**Exercise**
Copy every entry word for word. Skip the pictures.

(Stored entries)
[Start of Attachment]

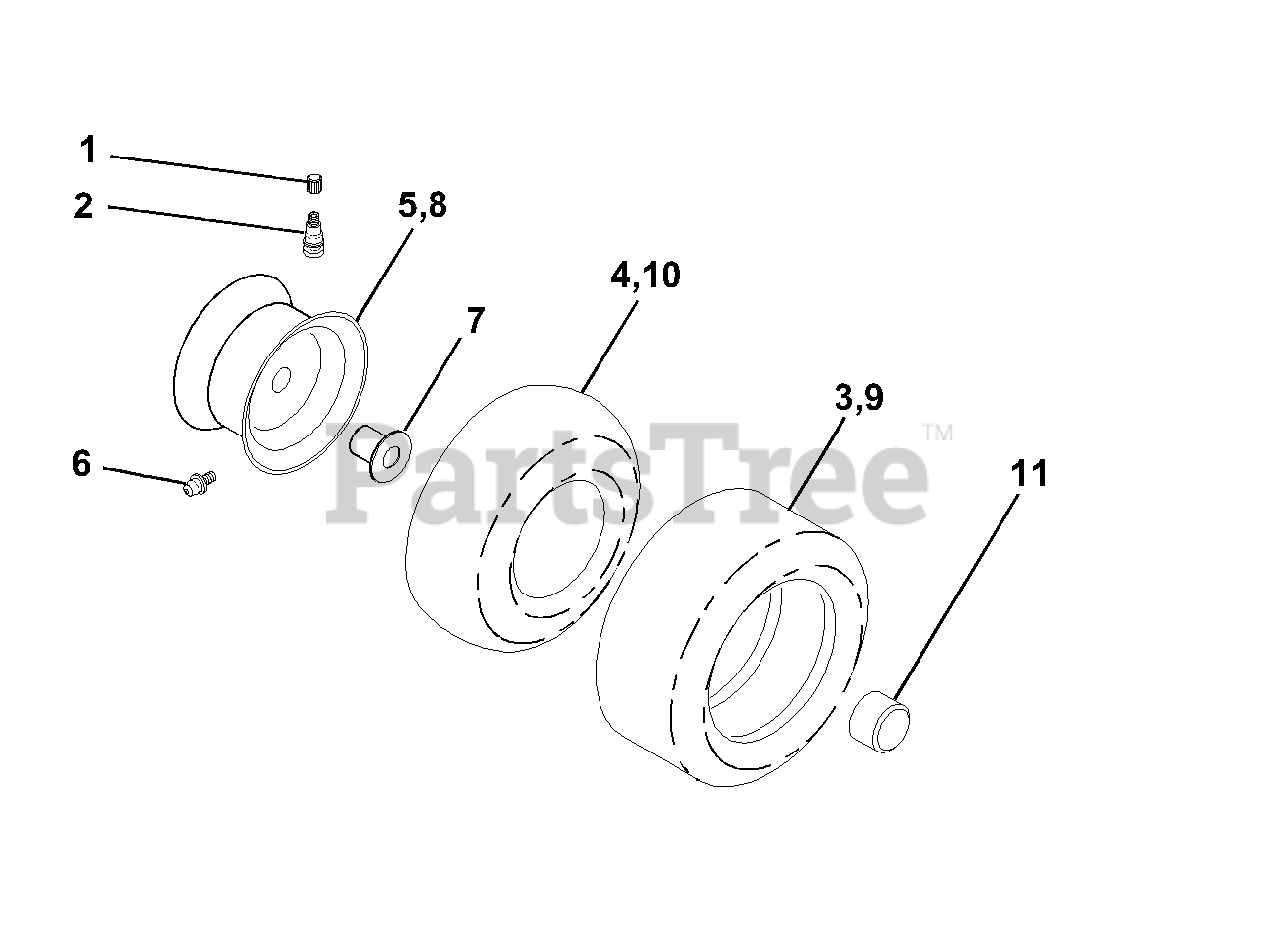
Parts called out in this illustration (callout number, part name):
1	Cap Valve Tire
2	Stem Valve
3	Tire F Ts 15 X 6 0 - 6 Service
4	Tube Front
5	Rim Asm 6" front White Service
6	Fitting Grease
7	Bearing Flange
8	Rim Asm 8" rear White Service
9	Tire R Ts 18x9.5-8 C Service
10	Tube Rear
11	Cap Axle Blk 1 50 X 1 00

[End of Attachment]

**Answer for this exercise**
Parts called out in this illustration (callout number, part name):
1	Cap Valve Tire
2	Stem Valve
3	Tire F Ts 15 X 6 0 - 6 Service
4	Tube Front
5	Rim Asm 6" front White Service
6	Fitting Grease
7	Bearing Flange
8	Rim Asm 8" rear White Service
9	Tire R Ts 18x9.5-8 C Service
10	Tube Rear
11	Cap Axle Blk 1 50 X 1 00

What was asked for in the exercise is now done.